Segment Open
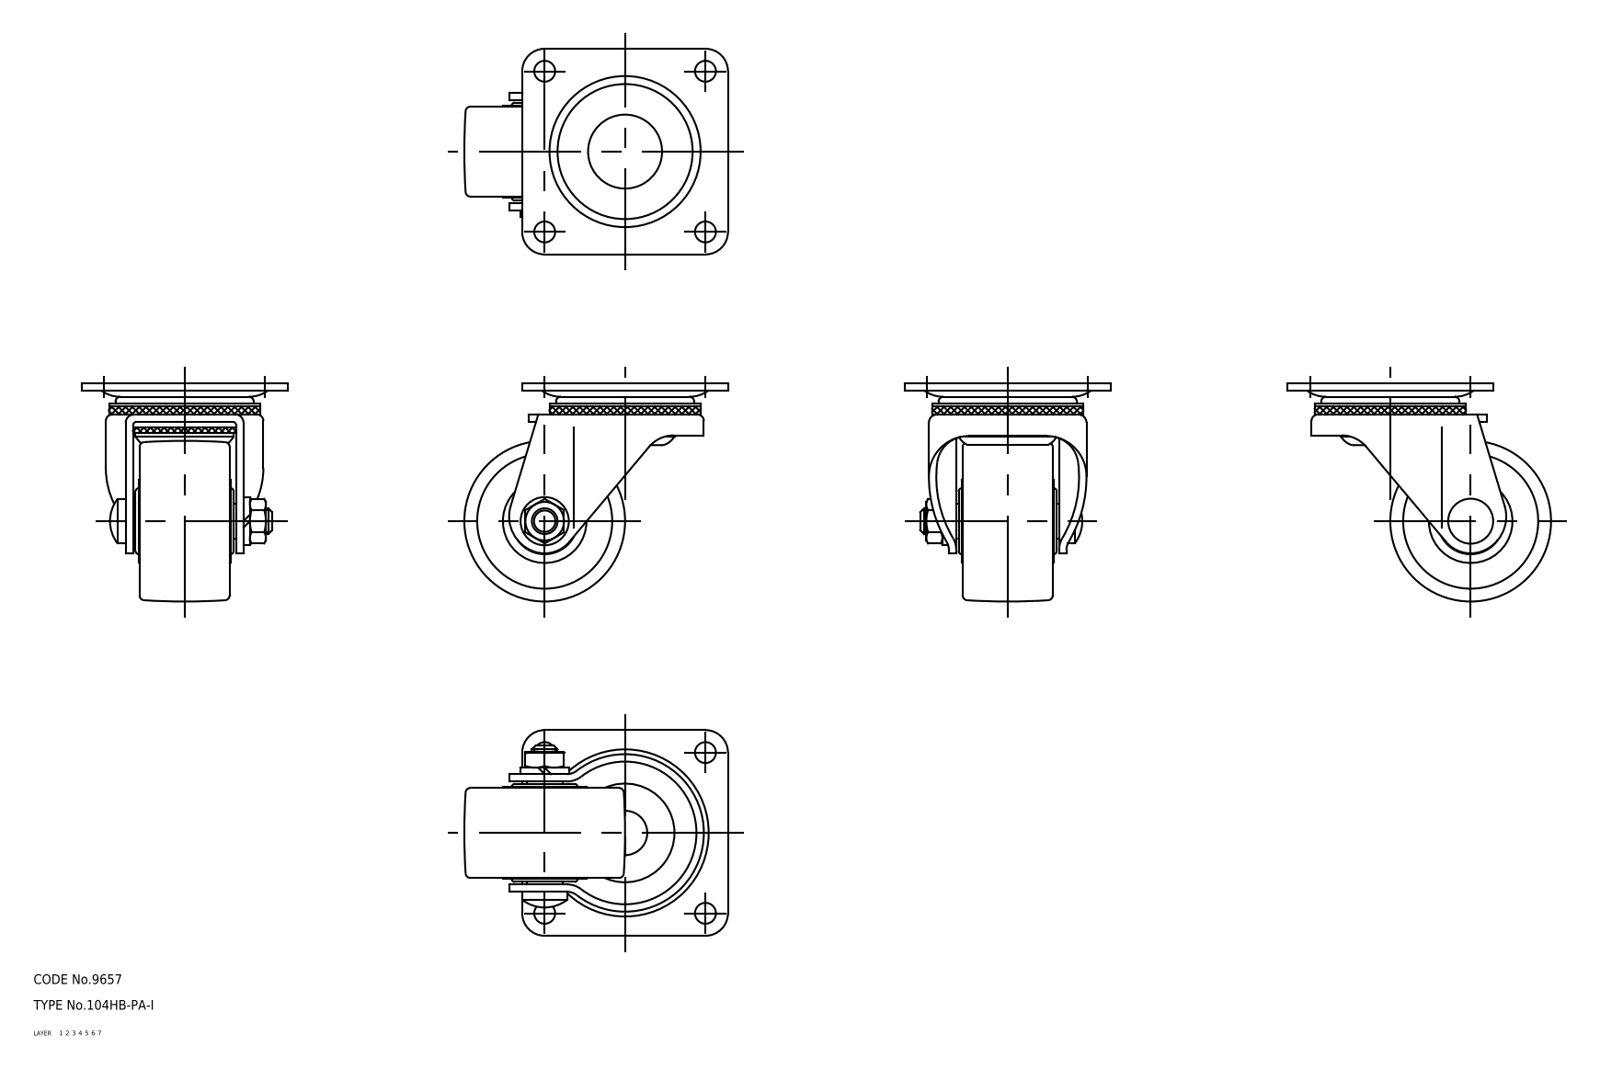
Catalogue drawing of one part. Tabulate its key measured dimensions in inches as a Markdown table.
| quantity | value |
| --- | --- |
| part name | 67122653; 67122666; 67122679; 67122692 (+1 more) |
| STEP written by | CADfix (AUTOMOTIVE_DESIGN) |
| units | inches |
| bodies | 5 solids, 197 faces (0 planar, 0 cylindrical, 197 other) |
| overall size | 3.228 × 2.677 × 2.52 |
| volume | 5.797 in³ |
| surface area | 52.11 in² |
Segment Closed
PROMPT
Everything in the records must be returned exactly, except the pictures.

SOLUTION TO THIS PROBLEM
Catalogue drawing of one part. Tabulate its key measured dimensions in inches as a Markdown table.
| quantity | value |
| --- | --- |
| part name | 67122653; 67122666; 67122679; 67122692 (+1 more) |
| STEP written by | CADfix (AUTOMOTIVE_DESIGN) |
| units | inches |
| bodies | 5 solids, 197 faces (0 planar, 0 cylindrical, 197 other) |
| overall size | 3.228 × 2.677 × 2.52 |
| volume | 5.797 in³ |
| surface area | 52.11 in² |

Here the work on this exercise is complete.